In statistical analysis, determining the correlation coefficient between two variables, like Pearson’s \(r\), is only the first step. It’s essential to ascertain whether the observed correlation is statistically significant, meaning the relationship is unlikely due to random chance. To assess this, we conduct a hypothesis test. The default null hypothesis typically asserts that there’s no correlation between the variables (i.e., \(r = 0\)). If this test is statistically significant, often at a 95% confidence level, it provides evidence against the null hypothesis, suggesting that the observed correlation is not a product of random variability in the sample. In this case, we can assert with 95% confidence that the observed relationship does not seem to be merely coincidental, but rather indicative of an association within the broader population represented by our sample. In R, to test the significance of the correlation, we can use the cor.test() function.

cor.test(coalitions$legislative_share, coalitions$portfolio_share)
## 
##  Pearson's product-moment correlation
## 
## data:  coalitions$legislative_share and coalitions$portfolio_share
## t = 90.943, df = 805, p-value < 2.2e-16
## alternative hypothesis: true correlation is not equal to 0
## 95 percent confidence interval:
##  0.9480673 0.9603635
## sample estimates:
##       cor 
## 0.9546205

The cor.test() function provided the Pearson’s product-moment correlation between legislative_share and portfolio_share, yielding a t-statistic of 90.943 with 805 degrees of freedom. This t-statistic evaluates the null hypothesis that the population correlation is 0. Given the exceptionally low p-value (less than 2.2e-16), we have evidence, even at the 95% confidence level, to reject this null hypothesis. This suggests that, at the same confidence level, the observed correlation between legislative_share and portfolio_share isn’t merely by chance, but represents a true association in the population from which our sample was drawn. Additionally, the confidence interval for the correlation coefficient is 0.9480673 to 0.9603635, indicating that we are 95% confident that the true population correlation lies within this interval.

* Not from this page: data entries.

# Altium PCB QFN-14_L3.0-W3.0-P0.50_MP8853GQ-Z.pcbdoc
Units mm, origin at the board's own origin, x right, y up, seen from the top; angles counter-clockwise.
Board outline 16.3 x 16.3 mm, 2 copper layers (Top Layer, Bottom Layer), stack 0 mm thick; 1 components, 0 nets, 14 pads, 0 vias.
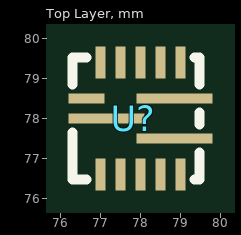
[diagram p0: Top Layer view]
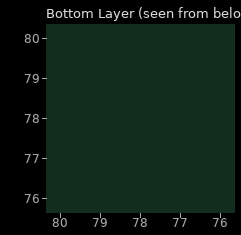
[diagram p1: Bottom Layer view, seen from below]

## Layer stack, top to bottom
Top Layer: signal copper (thickness not stored)
Bottom Layer: signal copper (thickness not stored)

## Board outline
86.15,69.85 69.85,69.85 69.85,86.15 86.15,86.15

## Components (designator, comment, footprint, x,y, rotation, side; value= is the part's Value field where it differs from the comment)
U? "" QFN-14_L3.0-W3.0-P0.50_MP8853GQ-Z 77.825,78 r0 top

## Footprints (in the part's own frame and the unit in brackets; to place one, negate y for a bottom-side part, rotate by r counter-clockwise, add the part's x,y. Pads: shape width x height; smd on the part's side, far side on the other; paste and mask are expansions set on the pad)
QFN-14_L3.0-W3.0-P0.50_MP8853GQ-Z [mm]
  rect 0.9x0.25 smd: 1(-1.175,0.5)
  rect 1.9x0.25 smd: 2(-0.675,0) 8(1.025,-0.5) 9(1.025,0.5)
  rect 0.25x0.8 smd: 3(-0.825,-1.4) 4(-0.325,-1.4) 5(0.175,-1.4) 6(0.675,-1.4) 7(1.175,-1.4) 10(1.175,1.4) 11(0.675,1.4) 12(0.175,1.4) 13(-0.325,1.4) 14(-0.825,1.4)
  silkscreen extent -1.52,-1.52 1.65,1.52

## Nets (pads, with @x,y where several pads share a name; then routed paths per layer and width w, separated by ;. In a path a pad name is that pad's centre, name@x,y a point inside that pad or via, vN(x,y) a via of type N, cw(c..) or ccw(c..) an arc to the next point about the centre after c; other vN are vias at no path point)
pads on no net: U?.1 U?.2 U?.3 U?.4 U?.5 U?.6 U?.7 U?.8 U?.9 U?.10 U?.11 U?.12 U?.13 U?.14
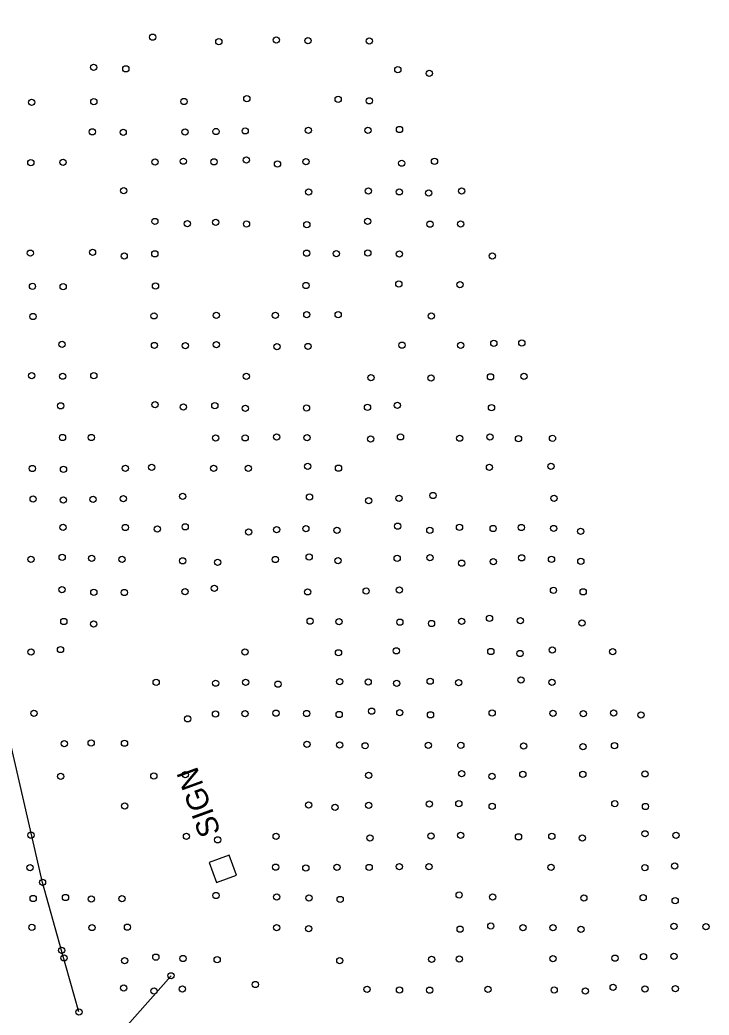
# Model space of a CAD drawing. Extents: x 20503438 to 20508873, y 7964251 to 7984667.
# Drawn here: x 20505729.2 to 20505950.6, y 7977192.3 to 7977511.9 of the extents above; entities that cross this region are included whole.
import ezdxf

# ---------------------------------------------------------------- set-up
doc = ezdxf.new("R2010")
doc.units = 0
for name, color, linetype in [('SurDrainageArrowDown', 7, 'Continuous'), ('SurDrainageArrowUp', 7, 'Continuous'), ('SurPointsNonDTM', 7, 'Continuous'), ('SurRoadPoints', 7, 'Continuous'), ('SurSurveyPoints', 7, 'Continuous')]:
    doc.layers.add(name, color=color, linetype=linetype)

msp = doc.modelspace()

# ---------------------------------------------------------------- linework, layer by layer
at = {"layer": 'SurDrainageArrowDown'}
msp.add_lwpolyline([(20505748.21, 7977193.29), (20505742.63, 7977213.06), (20505736.52, 7977234.9), (20505725.99, 7977280.52), (20505713.88, 7977327.5), (20505706.79, 7977347.37), (20505703.26, 7977372.92), (20505698.22, 7977399.33), (20505687.89, 7977446.43), (20505678.89, 7977496.64), (20505669.89, 7977547.69), (20505664.57, 7977573.19), (20505657.6, 7977599.18), (20505657.57, 7977623.02), (20505649.94, 7977631.12), (20505646.7, 7977632.62), (20505643.09, 7977632.08)], dxfattribs=at)
at = {"layer": 'SurDrainageArrowUp'}
msp.add_lwpolyline([(20505763.74, 7977188.93), (20505777.8, 7977204.89)], dxfattribs=at)
at = {"layer": 'SurPointsNonDTM'}
for centre in [(20505783.16, 7977287.42), (20505792.78, 7977248.54), (20505804.83, 7977202.1)]:
    msp.add_circle(centre, 1, dxfattribs=at)
at = {"layer": 'SurRoadPoints'}
msp.add_lwpolyline([(20505797.6, 7977240.45), (20505797.6, 7977240.45), (20505796.42, 7977243.66), (20505789.99, 7977241.31), (20505792.34, 7977234.88), (20505798.77, 7977237.23), (20505797.6, 7977240.44)], dxfattribs=at)
at = {"layer": 'SurSurveyPoints'}
for centre in [(20505771.91, 7977506.32), (20505811.6, 7977505.43), (20505793.13, 7977504.88), (20505821.77, 7977505.21), (20505841.47, 7977505.08), (20505752.91, 7977496.62), (20505763.28, 7977496.16), (20505850.63, 7977495.9), (20505860.75, 7977494.69), (20505802.13, 7977486.59), (20505831.48, 7977486.39), (20505732.99, 7977485.43), (20505753, 7977485.62), (20505781.96, 7977485.66), (20505841.46, 7977485.88), (20505851.16, 7977476.67), (20505752.48, 7977475.92), (20505762.43, 7977475.78), (20505782.29, 7977475.86), (20505792.26, 7977476.02), (20505801.61, 7977476.23), (20505821.89, 7977476.37), (20505841.02, 7977476.41), (20505732.76, 7977466.03), (20505743.12, 7977466.1), (20505772.65, 7977466.25), (20505781.77, 7977466.49), (20505791.59, 7977466.3), (20505801.99, 7977466.85), (20505811.98, 7977465.6), (20505821.13, 7977466.36), (20505851.9, 7977465.85), (20505862.4, 7977466.47), (20505762.58, 7977457.03), (20505821.97, 7977456.63), (20505841.16, 7977456.94), (20505851.08, 7977456.64), (20505860.54, 7977456.28), (20505871.13, 7977456.92), (20505772.6, 7977447.14), (20505783.04, 7977446.4), (20505792.15, 7977446.89), (20505802.04, 7977446.34), (20505821.4, 7977446.09), (20505840.94, 7977447.2), (20505860.96, 7977446.27), (20505870.78, 7977446.31), (20505732.62, 7977436.97), (20505752.58, 7977437.24), (20505762.75, 7977436.02), (20505772.58, 7977436.74), (20505821.33, 7977436.96), (20505830.87, 7977436.82), (20505840.99, 7977437), (20505851.12, 7977436.72), (20505880.96, 7977436.08), (20505733.28, 7977426.3), (20505743.15, 7977426.2), (20505772.79, 7977426.45), (20505821.13, 7977426.58), (20505850.95, 7977427.03), (20505870.6, 7977426.81), (20505733.42, 7977416.62), (20505772.32, 7977416.82), (20505792.32, 7977416.98), (20505811.32, 7977416.98), (20505821.39, 7977417.24), (20505831.46, 7977417.21), (20505861.39, 7977416.81), (20505742.77, 7977407.69), (20505772.46, 7977407.32), (20505782.4, 7977407.23), (20505792.35, 7977407.56), (20505811.82, 7977406.93), (20505821.77, 7977407), (20505851.96, 7977407.42), (20505870.83, 7977407.39), (20505881.47, 7977407.98), (20505890.46, 7977408.09), (20505733.05, 7977397.59), (20505743.01, 7977397.44), (20505752.99, 7977397.63), (20505801.96, 7977397.43), (20505841.98, 7977396.98), (20505861.32, 7977396.9), (20505880.4, 7977397.25), (20505891.13, 7977397.42), (20505742.33, 7977387.93), (20505772.67, 7977388.34), (20505781.76, 7977387.53), (20505791.86, 7977387.98), (20505801.67, 7977387.15), (20505821.31, 7977387.23), (20505840.88, 7977387.46), (20505850.5, 7977388.07), (20505880.71, 7977387.34), (20505742.94, 7977377.75), (20505752.2, 7977377.77), (20505792.09, 7977377.57), (20505801.59, 7977377.64), (20505811.7, 7977377.9), (20505821.47, 7977377.72), (20505851.48, 7977377.96), (20505880.21, 7977377.9), (20505841.89, 7977377.3), (20505870.46, 7977377.53), (20505889.4, 7977377.4), (20505900.3, 7977377.52), (20505771.6, 7977368.21), (20505821.7, 7977368.5), (20505880.06, 7977368.16), (20505899.8, 7977368.47), (20505733.21, 7977367.81), (20505743.24, 7977367.57), (20505763.13, 7977367.84), (20505791.45, 7977367.87), (20505802.58, 7977367.89), (20505831.57, 7977367.91), (20505781.53, 7977358.84), (20505822.27, 7977358.66), (20505861.94, 7977359.14), (20505733.49, 7977358.01), (20505743.2, 7977357.72), (20505752.74, 7977357.91), (20505762.47, 7977358.11), (20505841.28, 7977357.45), (20505851.02, 7977358.19), (20505900.81, 7977358.19), (20505743.12, 7977348.93), (20505763.11, 7977348.86), (20505782.34, 7977349.07), (20505850.59, 7977349.28), (20505870.45, 7977348.88), (20505890.32, 7977348.85), (20505773.42, 7977348.36), (20505802.69, 7977347.39), (20505811.71, 7977348.19), (20505821.1, 7977348.51), (20505831.06, 7977347.93), (20505860.92, 7977347.93), (20505881.24, 7977348.53), (20505900.72, 7977348.55), (20505909.35, 7977347.6), (20505742.83, 7977339.29), (20505822.15, 7977339.35), (20505732.79, 7977338.63), (20505752.3, 7977338.94), (20505762.04, 7977338.65), (20505781.5, 7977338.15), (20505792.73, 7977337.69), (20505811.31, 7977338.57), (20505831.43, 7977338.17), (20505850.43, 7977338.94), (20505860.96, 7977339.17), (20505871.11, 7977337.41), (20505881.29, 7977337.91), (20505890.39, 7977339.11), (20505899.99, 7977338.61), (20505909.41, 7977338.01), (20505742.74, 7977328.88), (20505753, 7977328.06), (20505762.76, 7977327.97), (20505782.3, 7977328.28), (20505791.7, 7977329.34), (20505821.65, 7977328.18), (20505840.45, 7977328.47), (20505851.14, 7977328.82), (20505900.62, 7977328.67), (20505910.16, 7977328.2), (20505743.36, 7977318.67), (20505752.92, 7977317.83), (20505822.46, 7977318.77), (20505831.76, 7977318.64), (20505851.29, 7977318.46), (20505861.46, 7977318.03), (20505871.13, 7977318.7), (20505880.08, 7977319.71), (20505889.98, 7977318.93), (20505909.78, 7977318.21), (20505732.84, 7977308.9), (20505742.28, 7977309.66), (20505801.51, 7977308.87), (20505831.57, 7977308.62), (20505850.12, 7977309.24), (20505880.51, 7977309.04), (20505889.87, 7977308.4), (20505900.23, 7977309.52), (20505919.64, 7977308.95), (20505773.02, 7977299.1), (20505792.12, 7977298.85), (20505801.73, 7977299.16), (20505812.11, 7977298.55), (20505831.98, 7977299.35), (20505841.12, 7977299.25), (20505850.29, 7977298.8), (20505861.01, 7977299.49), (20505870.14, 7977298.99), (20505890.17, 7977299.86), (20505900.12, 7977299.16), (20505733.74, 7977289.15), (20505792.07, 7977288.98), (20505801.55, 7977289.09), (20505811.52, 7977289.24), (20505821.36, 7977289.12), (20505831.78, 7977288.81), (20505842.23, 7977289.88), (20505851.26, 7977289.42), (20505861.13, 7977288.69), (20505880.93, 7977289.31), (20505900.46, 7977289.17), (20505910.18, 7977289.09), (20505919.95, 7977289.28), (20505928.73, 7977288.63), (20505743.5, 7977279.41), (20505752.14, 7977279.64), (20505762.84, 7977279.58), (20505821.44, 7977279.2), (20505831.94, 7977279), (20505840.13, 7977278.75), (20505860.4, 7977278.92), (20505870.88, 7977278.88), (20505891.05, 7977278.68), (20505910.09, 7977278.5), (20505920.22, 7977278.82), (20505742.34, 7977268.91), (20505772.27, 7977269.08), (20505782.37, 7977269.49), (20505841.26, 7977269.25), (20505871.1, 7977269.78), (20505880.91, 7977268.96), (20505890.79, 7977269.6), (20505910.05, 7977269.57), (20505930.03, 7977269.73), (20505762.91, 7977259.45), (20505821.97, 7977259.71), (20505841.27, 7977259.65), (20505860.77, 7977260.03), (20505870.22, 7977260.15), (20505880.93, 7977259.34), (20505920.32, 7977260.13), (20505830.47, 7977259.01), (20505930.17, 7977259.25), (20505732.84, 7977250.06), (20505861.29, 7977249.8), (20505870.8, 7977250), (20505930.05, 7977250.49), (20505940.01, 7977249.98), (20505782.74, 7977249.69), (20505811.54, 7977249.67), (20505841.68, 7977249.13), (20505889.4, 7977249.51), (20505900.09, 7977249.69), (20505909.87, 7977249.15), (20505939.57, 7977240.12), (20505732.5, 7977239.61), (20505811.37, 7977239.78), (20505821.08, 7977239.52), (20505831.07, 7977239.71), (20505841.42, 7977239.68), (20505851.15, 7977239.96), (20505860.63, 7977239.95), (20505899.83, 7977239.71), (20505929.98, 7977239.58), (20505736.52, 7977234.9), (20505792.26, 7977230.67), (20505870.32, 7977230.83), (20505733.5, 7977229.71), (20505743.88, 7977230.02), (20505752.16, 7977229.53), (20505762.03, 7977229.68), (20505811.73, 7977230.22), (20505822.07, 7977229.85), (20505832.12, 7977229.4), (20505881.06, 7977230.22), (20505910.39, 7977229.89), (20505929.43, 7977229.97), (20505939.71, 7977229.05), (20505733.09, 7977220.46), (20505752.43, 7977220.38), (20505763.79, 7977220.51), (20505811.7, 7977220.33), (20505822.02, 7977220.05), (20505870.64, 7977219.86), (20505880.49, 7977220.87), (20505890.83, 7977220.33), (20505900.46, 7977220.35), (20505909.43, 7977219.82), (20505939.33, 7977220.74), (20505949.61, 7977220.7), (20505742.63, 7977213.06), (20505743.41, 7977210.59), (20505762.86, 7977209.78), (20505772.9, 7977210.88), (20505781.63, 7977210.44), (20505792.61, 7977210.1), (20505831.99, 7977209.77), (20505861.48, 7977210.14), (20505870.36, 7977210.26), (20505900.46, 7977210.36), (20505920.36, 7977210.55), (20505929.54, 7977211), (20505939.33, 7977211.11), (20505777.8, 7977204.89), (20505762.58, 7977200.94), (20505772.35, 7977200.02), (20505781.42, 7977200.62), (20505840.76, 7977200.52), (20505851.18, 7977200.36), (20505860.88, 7977200.26), (20505879.58, 7977200.55), (20505900.86, 7977200.31), (20505910.88, 7977199.98), (20505919.78, 7977201.18), (20505930, 7977200.63), (20505939.78, 7977200.76), (20505748.21, 7977193.29)]:
    msp.add_circle(centre, 1, dxfattribs=at)

# ---------------------------------------------------------------- texts
at = {"layer": 'SurRoadPoints'}
msp.add_text('SIGN', height=6.995, rotation=110.0461, dxfattribs=at).set_placement((20505793.82, 7977251))

doc.saveas('drawing.dxf')

The cor.test() conducted suggests a statistically significant strong positive correlation between legislative_share and portfolio_share of approximately 0.9546205. Beyond the statistical significance, it is important to provide or interpret the substantive significance of our results, highlighting the real-world implications they present. Specifically, in this case, we can infer that as the legislative_share increases, the portfolio_share tends to increase proportionally, providing evidence for Gamson’s Law, that is, that parties receive a proportionate share of portfolios based on their seat share contribution during the coalition government formation process.